- TASK DIRECTIONS
Leave every picture out and write out the records below exactly.
::: DATA EXTRACTS :::
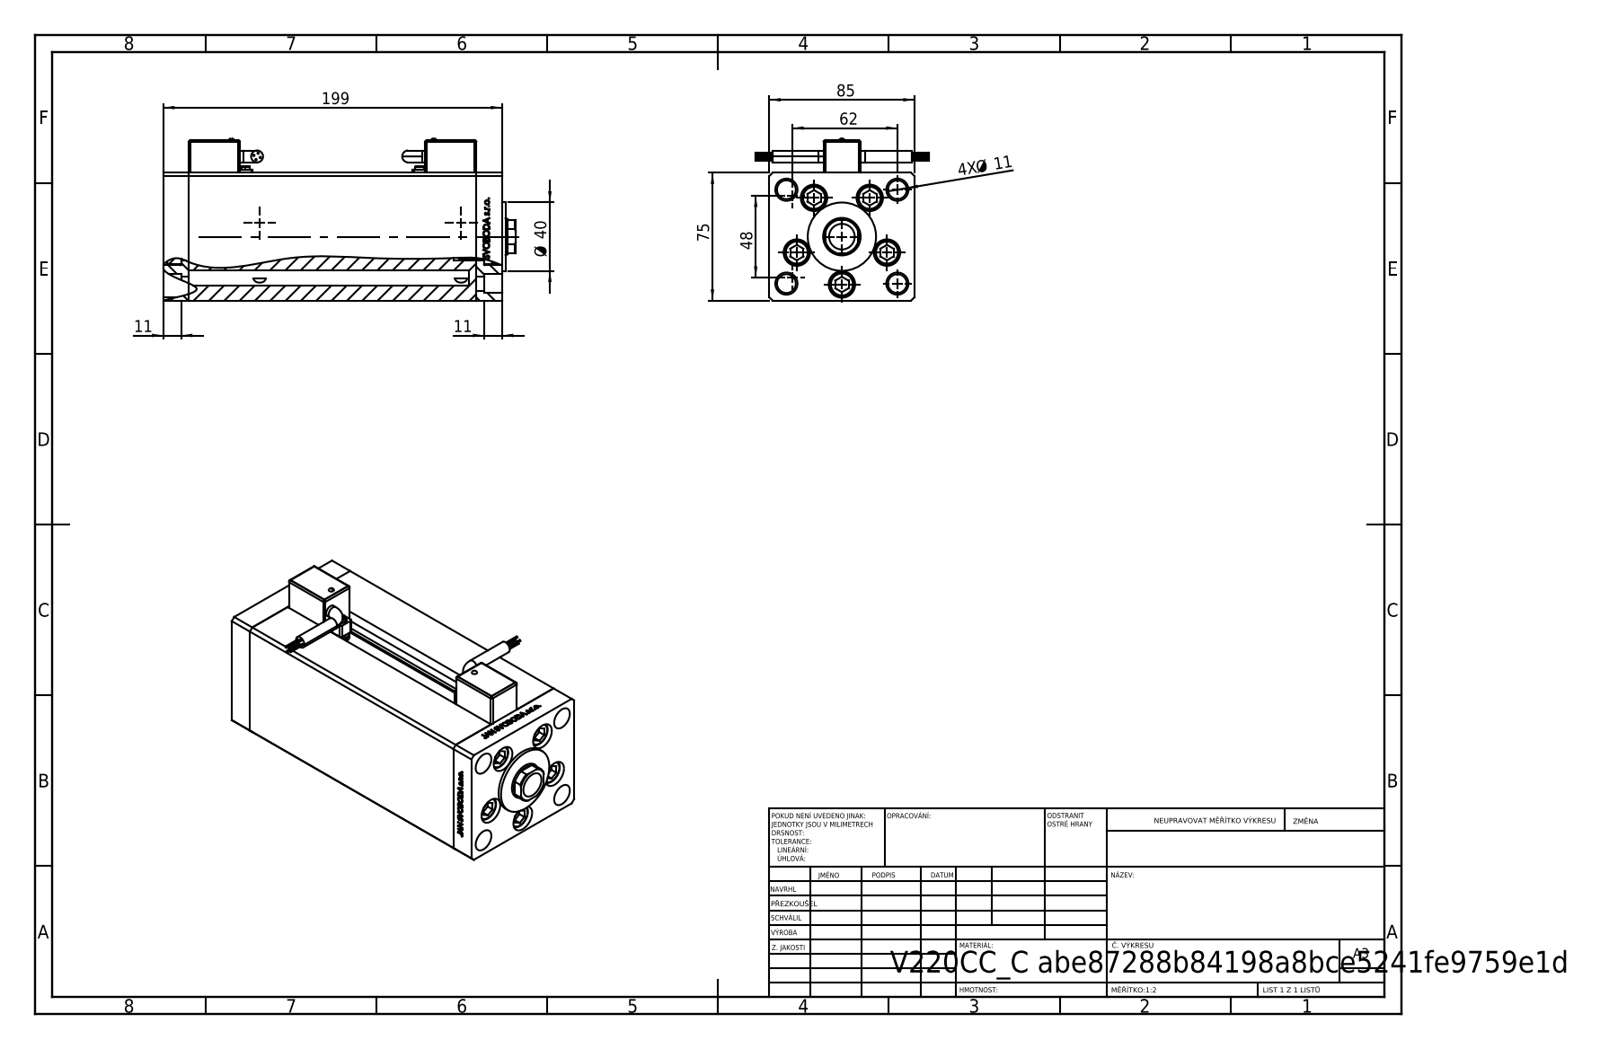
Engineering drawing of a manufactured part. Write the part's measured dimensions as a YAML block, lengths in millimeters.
part_name: "V220C_C MIDDLE; V220C_C CAST PRO VYSUNUTI; ALLEN BOLT; V220C BACK (+2 more)"
step_written_by: "SolidWorks 2019 (CONFIG_CONTROL_DESIGN)"
units: millimeters
bodies: {solids: 16, faces: 1403, planar: 634, cylindrical: 265, other: 504}
overall_size: [206.5, 101.6, 95.1]
volume: 1100000
surface_area: 201324
round_holes:
  - {diameter: 11, count: 9}
  - {diameter: 15.5, count: 5}
  - {diameter: 2, count: 4}
  - {diameter: 9, count: 4}
  - {diameter: 13, count: 4}
  - {diameter: 13.16, count: 4}
  - {diameter: 3.6, count: 2}
  - {diameter: 5, count: 2}
  - {diameter: 7, count: 2}
  - {diameter: 15, count: 1}
  - {diameter: 22, count: 1}
round_bosses_or_shafts:
  - {diameter: 0.85, count: 8}
  - {diameter: 14.5, count: 5}
  - {diameter: 8, count: 5}
  - {diameter: 7, count: 4}
  - {diameter: 6, count: 2}
  - {diameter: 3.5, count: 2}
  - {diameter: 2.5, count: 2}
  - {diameter: 40, count: 1}
partial_cylinders:
  - {radius: 1, count: 24}
  - {radius: 4, count: 4}
  - {radius: 0.93, count: 2}
  - {radius: 10.5, count: 1}
face_to_face_distances: [85, 75, 168.5, 15, 183.5, 10.5, 68.5, 198.5, 6.5, 4.5]
hole_center_spacings: [28, 4.95, 37.64, 42.57, 51.62, 61.6, 80.22, 8.25]
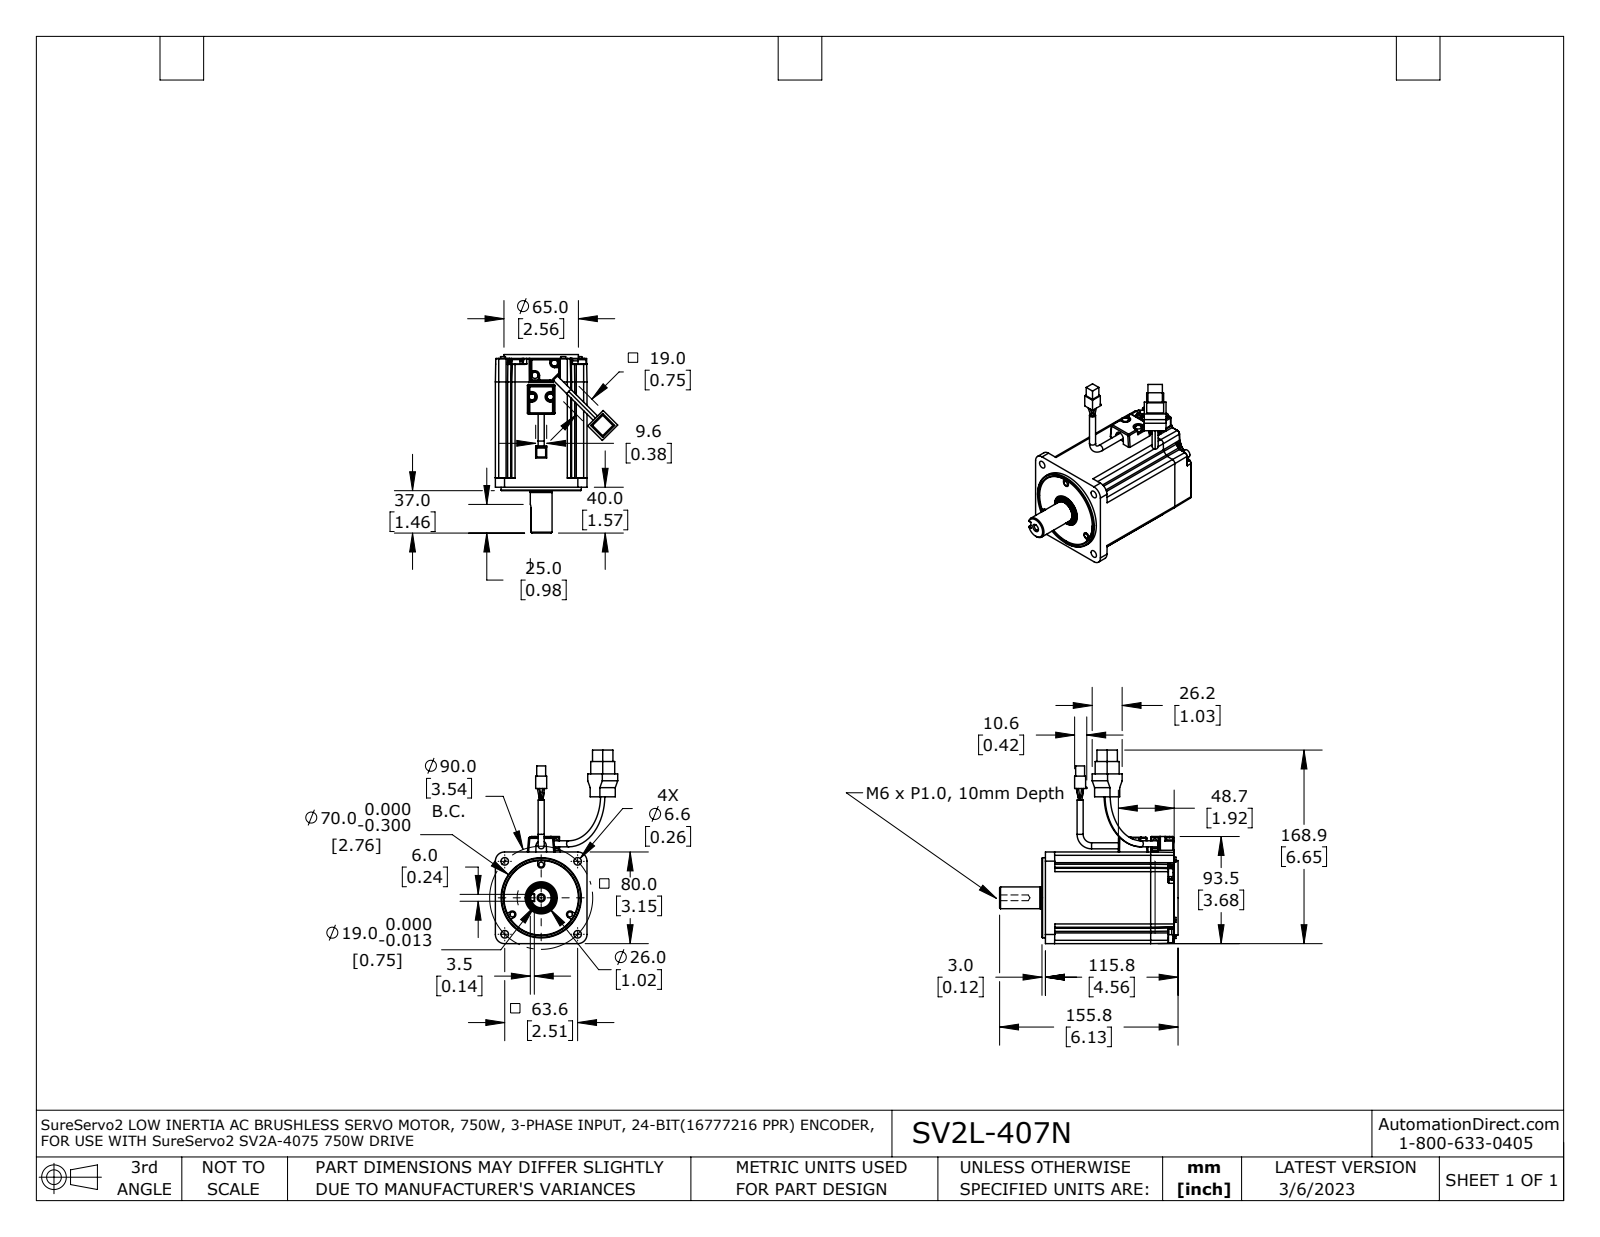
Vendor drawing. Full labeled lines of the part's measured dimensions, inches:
Part name (STEP PRODUCT): SV2L-x07N
STEP written by: SolidWorks 2021 (AUTOMOTIVE_DESIGN)
Units: inches
Bodies: 1 solid, 725 faces (223 planar, 294 cylindrical, 208 other)
Overall size (bounding box): 6.651 × 6.134 × 4.205
Volume: 42.24 in³ · Surface area: 97.58 in²
Round holes (diameter × count): ⌀0.26 ×4, ⌀0.197 ×1, ⌀0.236 ×1, ⌀1.024 ×1, ⌀1.102 ×1, ⌀2.559 ×1
Round bosses / shafts (diameter × count): ⌀0.169 ×7, ⌀0.276 ×4, ⌀0.217 ×4, ⌀0.209 ×4, ⌀0.059 ×4, ⌀0.228 ×2, ⌀2.756 ×1, ⌀0.945 ×1
Partial cylindrical surfaces — rounded edges, fillets, slot ends (radius × count): R0.039 ×46, R0.012 ×24, R0.118 ×22, R0.008 ×20, R0.079 ×16, R0.033 ×8, R0.072 ×8, R0.085 ×8
Main face-to-face distances: 3.15, 4.657, 4.559, 0.098, 0.138, 4.421, 4.52, 2.109, 0.118, 3.109
Hole centre spacings: 1.772, 2.506, 3.543
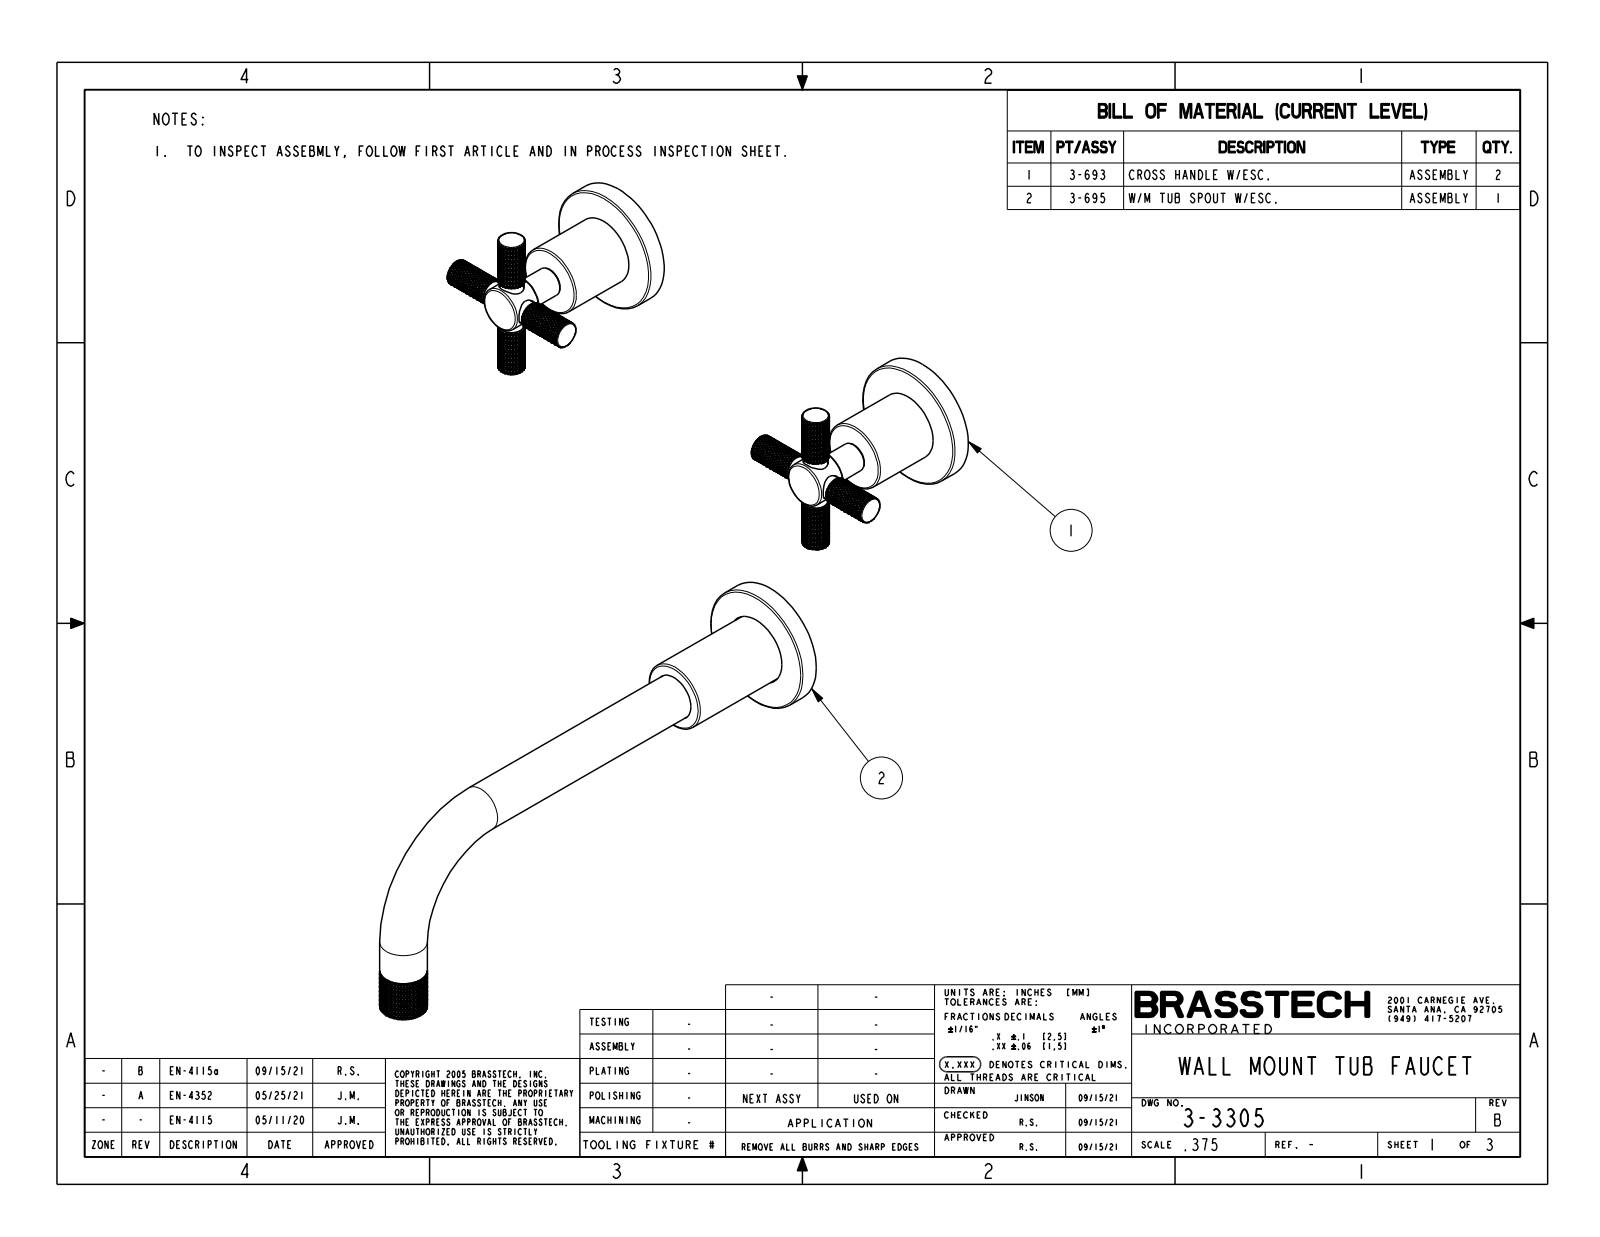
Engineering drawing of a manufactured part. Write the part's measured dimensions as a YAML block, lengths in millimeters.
part_name: "3-3305"
step_written_by: "CREO PARAMETRIC BY PTC INC, 2018400 (CONFIG_CONTROL_DESIGN)"
units: millimeters
bodies: {solids: 3, faces: 26885, planar: 192, cylindrical: 5185, other: 21508}
overall_size: [301.4, 272.4, 252.4]
volume: 325800
surface_area: 71680
round_holes:
  - {diameter: 11.8, count: 3}
  - {diameter: 3, count: 1}
  - {diameter: 15.4, count: 1}
  - {diameter: 17.6, count: 1}
round_bosses_or_shafts:
  - {diameter: 60.3, count: 3}
  - {diameter: 12.7, count: 3}
  - {diameter: 11.2, count: 3}
  - {diameter: 33.4, count: 2}
  - {diameter: 31.8, count: 2}
  - {diameter: 22.2, count: 2}
  - {diameter: 21.6, count: 2}
  - {diameter: 14.3, count: 2}
partial_cylinders:
  - {radius: 7.6, count: 1}
face_to_face_distances: [9.5, 45.1, 35.6, 77.9, 68.4, 32.8, 63.5, 54, 18.4, 14.4]
hole_center_spacings: [198.1, 200]
:::
- OUTPUT OF THE TASK
Engineering drawing of a manufactured part. Write the part's measured dimensions as a YAML block, lengths in millimeters.
part_name: "V220C_C MIDDLE; V220C_C CAST PRO VYSUNUTI; ALLEN BOLT; V220C BACK (+2 more)"
step_written_by: "SolidWorks 2019 (CONFIG_CONTROL_DESIGN)"
units: millimeters
bodies: {solids: 16, faces: 1403, planar: 634, cylindrical: 265, other: 504}
overall_size: [206.5, 101.6, 95.1]
volume: 1100000
surface_area: 201324
round_holes:
  - {diameter: 11, count: 9}
  - {diameter: 15.5, count: 5}
  - {diameter: 2, count: 4}
  - {diameter: 9, count: 4}
  - {diameter: 13, count: 4}
  - {diameter: 13.16, count: 4}
  - {diameter: 3.6, count: 2}
  - {diameter: 5, count: 2}
  - {diameter: 7, count: 2}
  - {diameter: 15, count: 1}
  - {diameter: 22, count: 1}
round_bosses_or_shafts:
  - {diameter: 0.85, count: 8}
  - {diameter: 14.5, count: 5}
  - {diameter: 8, count: 5}
  - {diameter: 7, count: 4}
  - {diameter: 6, count: 2}
  - {diameter: 3.5, count: 2}
  - {diameter: 2.5, count: 2}
  - {diameter: 40, count: 1}
partial_cylinders:
  - {radius: 1, count: 24}
  - {radius: 4, count: 4}
  - {radius: 0.93, count: 2}
  - {radius: 10.5, count: 1}
face_to_face_distances: [85, 75, 168.5, 15, 183.5, 10.5, 68.5, 198.5, 6.5, 4.5]
hole_center_spacings: [28, 4.95, 37.64, 42.57, 51.62, 61.6, 80.22, 8.25]
Vendor drawing. Full labeled lines of the part's measured dimensions, inches:
Part name (STEP PRODUCT): SV2L-x07N
STEP written by: SolidWorks 2021 (AUTOMOTIVE_DESIGN)
Units: inches
Bodies: 1 solid, 725 faces (223 planar, 294 cylindrical, 208 other)
Overall size (bounding box): 6.651 × 6.134 × 4.205
Volume: 42.24 in³ · Surface area: 97.58 in²
Round holes (diameter × count): ⌀0.26 ×4, ⌀0.197 ×1, ⌀0.236 ×1, ⌀1.024 ×1, ⌀1.102 ×1, ⌀2.559 ×1
Round bosses / shafts (diameter × count): ⌀0.169 ×7, ⌀0.276 ×4, ⌀0.217 ×4, ⌀0.209 ×4, ⌀0.059 ×4, ⌀0.228 ×2, ⌀2.756 ×1, ⌀0.945 ×1
Partial cylindrical surfaces — rounded edges, fillets, slot ends (radius × count): R0.039 ×46, R0.012 ×24, R0.118 ×22, R0.008 ×20, R0.079 ×16, R0.033 ×8, R0.072 ×8, R0.085 ×8
Main face-to-face distances: 3.15, 4.657, 4.559, 0.098, 0.138, 4.421, 4.52, 2.109, 0.118, 3.109
Hole centre spacings: 1.772, 2.506, 3.543
Engineering drawing of a manufactured part. Write the part's measured dimensions as a YAML block, lengths in millimeters.
part_name: "3-3305"
step_written_by: "CREO PARAMETRIC BY PTC INC, 2018400 (CONFIG_CONTROL_DESIGN)"
units: millimeters
bodies: {solids: 3, faces: 26885, planar: 192, cylindrical: 5185, other: 21508}
overall_size: [301.4, 272.4, 252.4]
volume: 325800
surface_area: 71680
round_holes:
  - {diameter: 11.8, count: 3}
  - {diameter: 3, count: 1}
  - {diameter: 15.4, count: 1}
  - {diameter: 17.6, count: 1}
round_bosses_or_shafts:
  - {diameter: 60.3, count: 3}
  - {diameter: 12.7, count: 3}
  - {diameter: 11.2, count: 3}
  - {diameter: 33.4, count: 2}
  - {diameter: 31.8, count: 2}
  - {diameter: 22.2, count: 2}
  - {diameter: 21.6, count: 2}
  - {diameter: 14.3, count: 2}
partial_cylinders:
  - {radius: 7.6, count: 1}
face_to_face_distances: [9.5, 45.1, 35.6, 77.9, 68.4, 32.8, 63.5, 54, 18.4, 14.4]
hole_center_spacings: [198.1, 200]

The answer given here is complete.